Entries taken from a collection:
--- --- ---

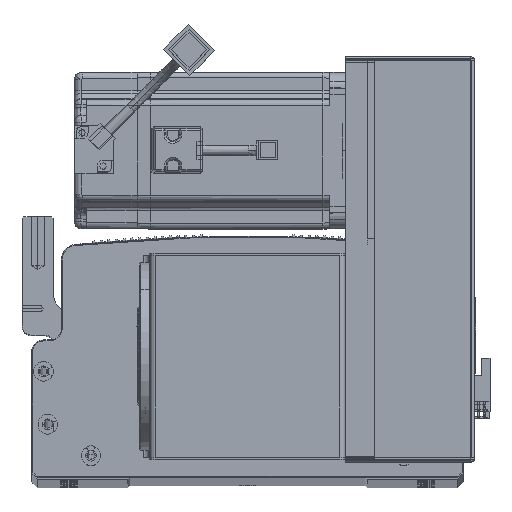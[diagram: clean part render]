
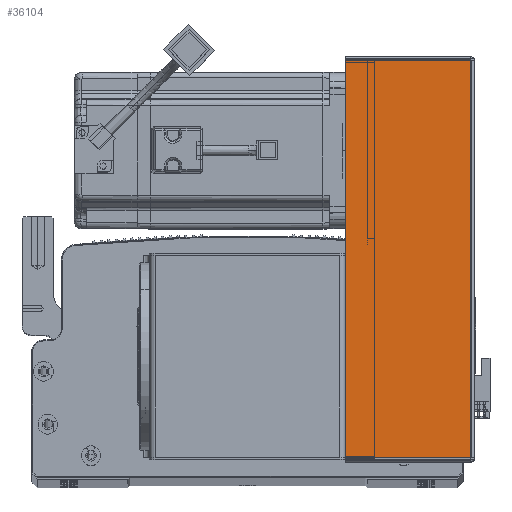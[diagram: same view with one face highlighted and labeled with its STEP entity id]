
A CAD part, top view. The second image highlights one B-rep face of the part: STEP entity #36104.
In plain terms, the highlighted planar face has unit normal (0, 0, 1) as drawn and (0, -1, 0) by its records, which use the part's own axes.
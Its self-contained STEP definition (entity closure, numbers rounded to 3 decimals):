
#632 = DIRECTION ( 'NONE',  ( 0., 0., 1. ) ) ;
#3759 = LINE ( 'NONE', #21849, #9489 ) ;
#5220 = PLANE ( 'NONE',  #64419 ) ;
#5974 = LINE ( 'NONE', #12637, #32448 ) ;
#9284 = CARTESIAN_POINT ( 'NONE',  ( 0., -1.5, -203.293 ) ) ;
#9489 = VECTOR ( 'NONE', #632, 1000. ) ;
#12637 = CARTESIAN_POINT ( 'NONE',  ( 64.5, -1.5, 0. ) ) ;
#13211 = CARTESIAN_POINT ( 'NONE',  ( 0.737, -1.5, -0.707 ) ) ;
#14572 = FACE_OUTER_BOUND ( 'NONE', #70099, .T. ) ;
#14875 = EDGE_CURVE ( 'NONE', #31020, #70122, #33728, .T. ) ;
#15239 = CARTESIAN_POINT ( 'NONE',  ( 0.737, -1.5, -203.293 ) ) ;
#15769 = ORIENTED_EDGE ( 'NONE', *, *, #31405, .T. ) ;
#18983 = CARTESIAN_POINT ( 'NONE',  ( 0., -1.5, -0.707 ) ) ;
#21849 = CARTESIAN_POINT ( 'NONE',  ( 0.737, -1.5, 0. ) ) ;
#26080 = DIRECTION ( 'NONE',  ( 1., 0., 0. ) ) ;
#26823 = VECTOR ( 'NONE', #47177, 1000. ) ;
#27596 = VERTEX_POINT ( 'NONE', #13211 ) ;
#28337 = DIRECTION ( 'NONE',  ( -1., 0., 0. ) ) ;
#31020 = VERTEX_POINT ( 'NONE', #15239 ) ;
#31405 = EDGE_CURVE ( 'NONE', #70122, #70425, #5974, .T. ) ;
#32448 = VECTOR ( 'NONE', #42197, 1000. ) ;
#33728 = LINE ( 'NONE', #9284, #26823 ) ;
#36104 = ADVANCED_FACE ( 'NONE', ( #14572 ), #5220, .F. ) ;
#39066 = EDGE_CURVE ( 'NONE', #31020, #27596, #3759, .T. ) ;
#40923 = VECTOR ( 'NONE', #26080, 1000. ) ;
#42197 = DIRECTION ( 'NONE',  ( 0., 0., 1. ) ) ;
#44172 = CARTESIAN_POINT ( 'NONE',  ( 64.5, -1.5, -0.707 ) ) ;
#47177 = DIRECTION ( 'NONE',  ( 1., 0., 0. ) ) ;
#51692 = ORIENTED_EDGE ( 'NONE', *, *, #39066, .F. ) ;
#56587 = DIRECTION ( 'NONE',  ( 0., 1., 0. ) ) ;
#56899 = CARTESIAN_POINT ( 'NONE',  ( 0., -1.5, 0. ) ) ;
#64419 = AXIS2_PLACEMENT_3D ( 'NONE', #56899, #56587, #28337 ) ;
#67989 = ORIENTED_EDGE ( 'NONE', *, *, #14875, .T. ) ;
#70099 = EDGE_LOOP ( 'NONE', ( #51692, #67989, #15769, #74950 ) ) ;
#70122 = VERTEX_POINT ( 'NONE', #84133 ) ;
#70425 = VERTEX_POINT ( 'NONE', #44172 ) ;
#74950 = ORIENTED_EDGE ( 'NONE', *, *, #86083, .F. ) ;
#84133 = CARTESIAN_POINT ( 'NONE',  ( 64.5, -1.5, -203.293 ) ) ;
#86083 = EDGE_CURVE ( 'NONE', #27596, #70425, #90393, .T. ) ;
#90393 = LINE ( 'NONE', #18983, #40923 ) ;

--- --- ---

*What the task asks*
From the records above, print only the lines between the one holding "#44172 = CARTESIAN_POINT" and the one holding "#70122 = VERTEX_POINT ( 'NONE', #84133 ) ;", inclusive, exactly as they stand.

*Exercise answer*
#44172 = CARTESIAN_POINT ( 'NONE',  ( 64.5, -1.5, -0.707 ) ) ;
#47177 = DIRECTION ( 'NONE',  ( 1., 0., 0. ) ) ;
#51692 = ORIENTED_EDGE ( 'NONE', *, *, #39066, .F. ) ;
#56587 = DIRECTION ( 'NONE',  ( 0., 1., 0. ) ) ;
#56899 = CARTESIAN_POINT ( 'NONE',  ( 0., -1.5, 0. ) ) ;
#64419 = AXIS2_PLACEMENT_3D ( 'NONE', #56899, #56587, #28337 ) ;
#67989 = ORIENTED_EDGE ( 'NONE', *, *, #14875, .T. ) ;
#70099 = EDGE_LOOP ( 'NONE', ( #51692, #67989, #15769, #74950 ) ) ;
#70122 = VERTEX_POINT ( 'NONE', #84133 ) ;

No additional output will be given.